FrenchKrab / IS2023-powerset-diarization

Official repository for the "Powerset multi-class cross entropy loss for neural speaker diarization" paper published in Interspeech 2023.
68 stars 4 forks source link

Get speaker posteriors from local EEND model #2

Closed xiangzai0115 closed 1 year ago

xiangzai0115 commented 1 year ago

Hi,

Thanks for this amazing work! Is there any way to get speaker posteriors from local EEND model?

Cheers, Xiang

FrenchKrab commented 1 year ago

Sure ! Take any example from the repository that uses the Inference class (eg [1], [2]), and add the option skip_conversion=True. For example:

from pyannote.audio import Inference, Model

model = Model.from_pretrained("powerset_pretrained.ckpt")
inf = Inference(model, step=2.5, skip_conversion=True)
result = inf(my_audio_file)
result

This would give you something like that as output image

Note that this is the output of the LogSoftmax layer.
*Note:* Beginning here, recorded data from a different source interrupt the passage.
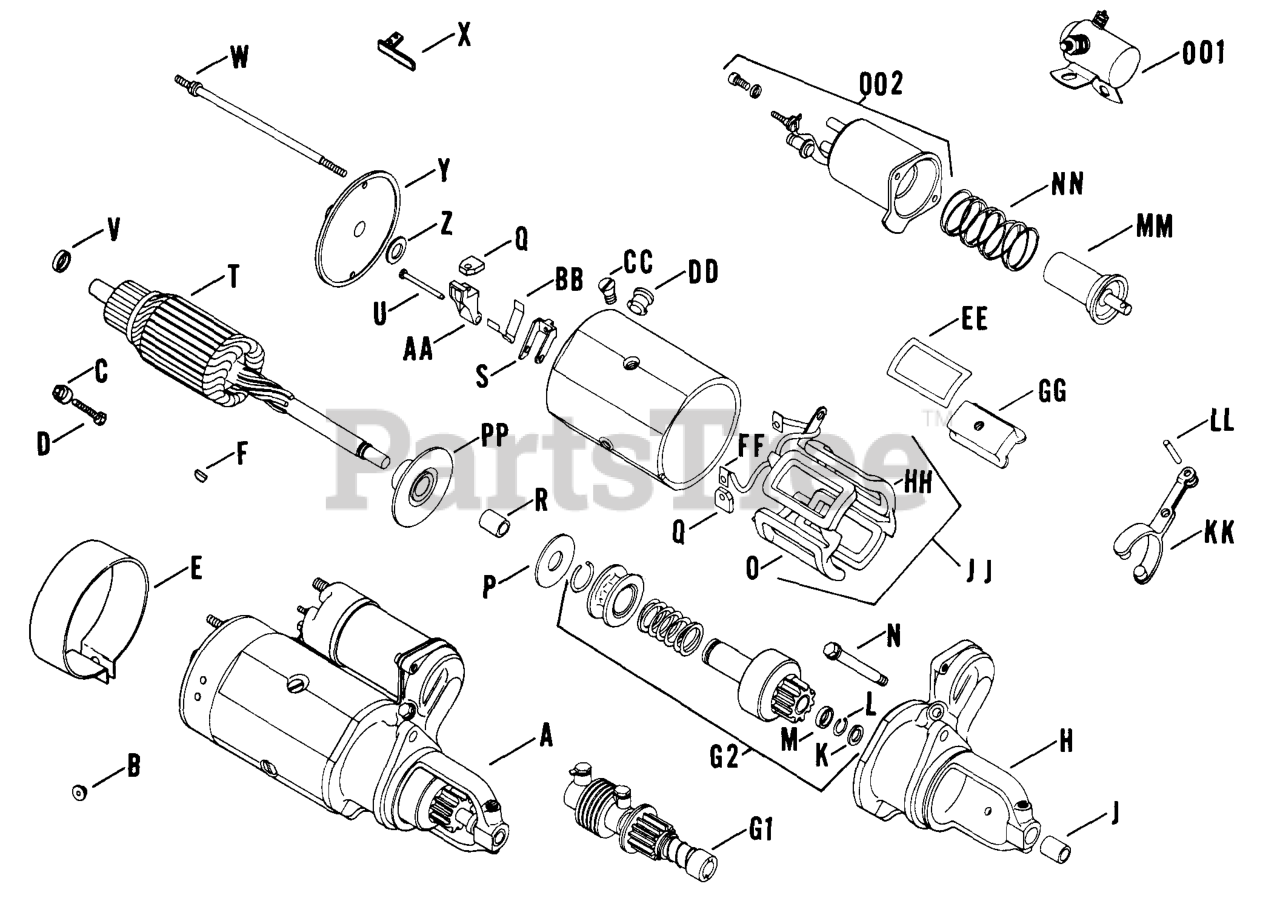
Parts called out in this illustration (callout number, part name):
A	STARTER - DISCONTINUED
G2	DRIVE - DISCONTINUED
H	HOUSING - DISCONTINUED
K	Collar, thrust
M	Collar, stop
N	Stud, lever
R	Bushing, center bearing
Y	FRAME - DISCONTINUED
CC	SCREW - DISCONTINUED
DD	Grommet, field frame
FF	Lead, brush ground
GG	Shoe, pole
OO2	SWITCH - DISCONTINUED

To obtain "probabilities":

import numpy as np
result.data = np.exp(result.data)
result

image

Finally, if you want the logits, you can remove the LogSoftmax with

model.activation = torch.nn.Identity()

and run the Inference as usual, with skip_conversion=True.

xiangzai0115 commented 1 year ago

Cool, that's wonderful!!

Thanks!

FrenchKrab commented 1 year ago

I'm closing the issue for now, but please do reopen it if any details are missing or if you encounter problems.